Exercise brief: From the first line of the entries down to the line with "constraints: 18 end", write out every line exactly; that last line counts, but pictures do not.

::::::

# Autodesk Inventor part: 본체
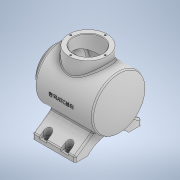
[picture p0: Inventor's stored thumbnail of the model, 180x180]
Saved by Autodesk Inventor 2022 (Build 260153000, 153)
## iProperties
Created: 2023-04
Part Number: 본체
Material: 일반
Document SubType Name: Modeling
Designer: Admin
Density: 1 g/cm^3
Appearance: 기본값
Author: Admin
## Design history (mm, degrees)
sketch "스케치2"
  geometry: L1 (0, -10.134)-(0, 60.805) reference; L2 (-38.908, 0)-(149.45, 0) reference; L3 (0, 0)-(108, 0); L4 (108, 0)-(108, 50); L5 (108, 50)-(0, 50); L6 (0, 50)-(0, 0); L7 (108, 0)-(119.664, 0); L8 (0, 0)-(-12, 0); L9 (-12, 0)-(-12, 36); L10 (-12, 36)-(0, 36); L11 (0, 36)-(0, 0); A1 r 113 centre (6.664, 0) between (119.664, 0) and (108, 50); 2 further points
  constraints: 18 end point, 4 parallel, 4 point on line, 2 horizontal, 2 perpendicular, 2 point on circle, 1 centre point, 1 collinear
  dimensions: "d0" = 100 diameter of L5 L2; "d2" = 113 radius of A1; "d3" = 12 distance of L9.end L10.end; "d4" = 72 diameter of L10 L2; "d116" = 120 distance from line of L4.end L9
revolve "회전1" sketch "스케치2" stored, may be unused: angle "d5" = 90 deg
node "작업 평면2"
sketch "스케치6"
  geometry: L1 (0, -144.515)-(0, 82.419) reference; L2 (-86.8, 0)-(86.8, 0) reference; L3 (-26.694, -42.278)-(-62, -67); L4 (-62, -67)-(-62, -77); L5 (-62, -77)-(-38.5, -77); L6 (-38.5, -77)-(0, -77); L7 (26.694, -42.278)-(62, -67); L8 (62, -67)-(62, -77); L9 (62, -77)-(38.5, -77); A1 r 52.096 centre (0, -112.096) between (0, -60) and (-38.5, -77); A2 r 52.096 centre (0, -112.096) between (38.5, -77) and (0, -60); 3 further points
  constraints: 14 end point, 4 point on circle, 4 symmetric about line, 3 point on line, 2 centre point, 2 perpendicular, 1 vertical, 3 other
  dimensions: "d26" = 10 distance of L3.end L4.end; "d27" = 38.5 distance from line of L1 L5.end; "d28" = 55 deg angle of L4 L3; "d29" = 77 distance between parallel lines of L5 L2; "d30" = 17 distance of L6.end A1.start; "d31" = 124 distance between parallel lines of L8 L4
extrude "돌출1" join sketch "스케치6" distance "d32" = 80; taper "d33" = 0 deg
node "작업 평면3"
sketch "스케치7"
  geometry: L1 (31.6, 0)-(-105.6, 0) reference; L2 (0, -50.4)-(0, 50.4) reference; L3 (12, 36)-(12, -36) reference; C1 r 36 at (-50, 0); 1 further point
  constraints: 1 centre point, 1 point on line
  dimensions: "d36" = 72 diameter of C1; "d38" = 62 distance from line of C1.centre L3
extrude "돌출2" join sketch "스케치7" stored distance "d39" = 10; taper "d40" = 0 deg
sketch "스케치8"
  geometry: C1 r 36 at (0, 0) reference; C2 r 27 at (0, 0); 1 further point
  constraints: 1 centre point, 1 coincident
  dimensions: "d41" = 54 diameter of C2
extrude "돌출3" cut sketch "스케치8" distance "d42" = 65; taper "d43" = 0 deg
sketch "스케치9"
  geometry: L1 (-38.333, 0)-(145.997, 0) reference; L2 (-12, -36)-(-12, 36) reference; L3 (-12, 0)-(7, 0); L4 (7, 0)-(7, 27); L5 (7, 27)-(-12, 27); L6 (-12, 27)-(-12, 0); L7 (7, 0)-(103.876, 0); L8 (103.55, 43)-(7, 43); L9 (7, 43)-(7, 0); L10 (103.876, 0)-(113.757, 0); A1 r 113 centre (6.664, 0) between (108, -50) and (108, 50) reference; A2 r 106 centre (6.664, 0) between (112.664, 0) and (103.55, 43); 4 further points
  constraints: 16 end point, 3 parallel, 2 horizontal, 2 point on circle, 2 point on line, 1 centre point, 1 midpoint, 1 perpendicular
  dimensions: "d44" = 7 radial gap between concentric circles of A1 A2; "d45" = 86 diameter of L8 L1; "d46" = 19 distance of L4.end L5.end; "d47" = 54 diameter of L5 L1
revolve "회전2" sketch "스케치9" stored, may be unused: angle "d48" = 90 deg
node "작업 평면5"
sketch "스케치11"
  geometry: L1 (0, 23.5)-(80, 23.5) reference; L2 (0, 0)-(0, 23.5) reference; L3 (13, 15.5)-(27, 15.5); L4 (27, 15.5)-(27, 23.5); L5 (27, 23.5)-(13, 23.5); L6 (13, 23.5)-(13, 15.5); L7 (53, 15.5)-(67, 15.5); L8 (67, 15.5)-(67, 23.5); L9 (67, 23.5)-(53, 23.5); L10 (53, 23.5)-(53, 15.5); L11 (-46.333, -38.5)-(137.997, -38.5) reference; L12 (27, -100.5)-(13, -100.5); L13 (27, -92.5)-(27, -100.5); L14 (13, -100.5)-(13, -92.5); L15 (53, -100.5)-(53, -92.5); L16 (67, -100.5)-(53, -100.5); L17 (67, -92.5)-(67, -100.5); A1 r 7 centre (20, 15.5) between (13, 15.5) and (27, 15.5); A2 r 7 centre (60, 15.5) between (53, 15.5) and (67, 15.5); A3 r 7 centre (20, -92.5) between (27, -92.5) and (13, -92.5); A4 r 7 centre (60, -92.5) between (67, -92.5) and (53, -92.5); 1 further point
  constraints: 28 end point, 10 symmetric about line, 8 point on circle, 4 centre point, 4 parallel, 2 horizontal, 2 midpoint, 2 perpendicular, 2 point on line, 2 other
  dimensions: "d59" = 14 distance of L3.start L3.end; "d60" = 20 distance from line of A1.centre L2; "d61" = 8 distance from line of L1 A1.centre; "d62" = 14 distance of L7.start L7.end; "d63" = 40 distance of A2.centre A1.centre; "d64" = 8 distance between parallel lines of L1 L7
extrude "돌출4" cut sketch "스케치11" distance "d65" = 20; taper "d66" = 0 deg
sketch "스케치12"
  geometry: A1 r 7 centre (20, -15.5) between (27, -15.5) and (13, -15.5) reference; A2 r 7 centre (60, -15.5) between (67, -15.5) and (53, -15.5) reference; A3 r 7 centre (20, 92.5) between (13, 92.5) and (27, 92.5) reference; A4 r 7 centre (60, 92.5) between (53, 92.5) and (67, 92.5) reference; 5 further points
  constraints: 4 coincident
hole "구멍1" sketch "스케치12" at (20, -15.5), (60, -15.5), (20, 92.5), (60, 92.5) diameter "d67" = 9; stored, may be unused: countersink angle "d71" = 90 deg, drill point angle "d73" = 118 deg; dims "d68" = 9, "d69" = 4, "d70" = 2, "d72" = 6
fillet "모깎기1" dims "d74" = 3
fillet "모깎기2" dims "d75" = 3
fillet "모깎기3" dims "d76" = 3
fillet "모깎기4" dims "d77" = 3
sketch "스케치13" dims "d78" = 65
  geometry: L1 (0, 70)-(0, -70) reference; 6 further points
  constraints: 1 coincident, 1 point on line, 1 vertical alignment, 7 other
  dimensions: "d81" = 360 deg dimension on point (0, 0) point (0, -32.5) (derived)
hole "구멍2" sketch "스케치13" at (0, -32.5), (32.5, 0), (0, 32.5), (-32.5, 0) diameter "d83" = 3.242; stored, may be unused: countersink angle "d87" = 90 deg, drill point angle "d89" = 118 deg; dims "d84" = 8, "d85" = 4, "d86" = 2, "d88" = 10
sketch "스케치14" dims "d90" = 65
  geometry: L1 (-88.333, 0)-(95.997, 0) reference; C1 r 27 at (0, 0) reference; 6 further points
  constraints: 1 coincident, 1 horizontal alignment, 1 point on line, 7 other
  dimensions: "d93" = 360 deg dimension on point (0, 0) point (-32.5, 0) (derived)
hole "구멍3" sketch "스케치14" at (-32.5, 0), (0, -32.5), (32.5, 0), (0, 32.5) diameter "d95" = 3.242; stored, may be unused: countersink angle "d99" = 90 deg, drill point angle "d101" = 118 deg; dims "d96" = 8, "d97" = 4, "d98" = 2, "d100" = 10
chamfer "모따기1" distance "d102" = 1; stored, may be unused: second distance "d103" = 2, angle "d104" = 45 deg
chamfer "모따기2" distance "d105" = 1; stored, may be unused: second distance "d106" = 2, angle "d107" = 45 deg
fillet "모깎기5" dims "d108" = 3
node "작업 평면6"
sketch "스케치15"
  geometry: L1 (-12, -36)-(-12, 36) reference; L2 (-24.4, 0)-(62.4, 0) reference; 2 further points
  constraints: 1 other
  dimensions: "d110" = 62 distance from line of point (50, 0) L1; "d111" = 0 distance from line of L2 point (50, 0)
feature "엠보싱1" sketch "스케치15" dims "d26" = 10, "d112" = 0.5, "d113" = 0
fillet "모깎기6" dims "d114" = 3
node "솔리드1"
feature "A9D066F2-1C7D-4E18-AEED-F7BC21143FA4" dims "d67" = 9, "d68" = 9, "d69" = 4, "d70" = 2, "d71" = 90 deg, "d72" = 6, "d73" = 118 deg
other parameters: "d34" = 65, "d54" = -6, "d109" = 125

::::::

Answer section:
# Autodesk Inventor part: 본체
[picture p0: Inventor's stored thumbnail of the model, 180x180]
Saved by Autodesk Inventor 2022 (Build 260153000, 153)
## iProperties
Created: 2023-04
Part Number: 본체
Material: 일반
Document SubType Name: Modeling
Designer: Admin
Density: 1 g/cm^3
Appearance: 기본값
Author: Admin
## Design history (mm, degrees)
sketch "스케치2"
  geometry: L1 (0, -10.134)-(0, 60.805) reference; L2 (-38.908, 0)-(149.45, 0) reference; L3 (0, 0)-(108, 0); L4 (108, 0)-(108, 50); L5 (108, 50)-(0, 50); L6 (0, 50)-(0, 0); L7 (108, 0)-(119.664, 0); L8 (0, 0)-(-12, 0); L9 (-12, 0)-(-12, 36); L10 (-12, 36)-(0, 36); L11 (0, 36)-(0, 0); A1 r 113 centre (6.664, 0) between (119.664, 0) and (108, 50); 2 further points
  constraints: 18 end point, 4 parallel, 4 point on line, 2 horizontal, 2 perpendicular, 2 point on circle, 1 centre point, 1 collinear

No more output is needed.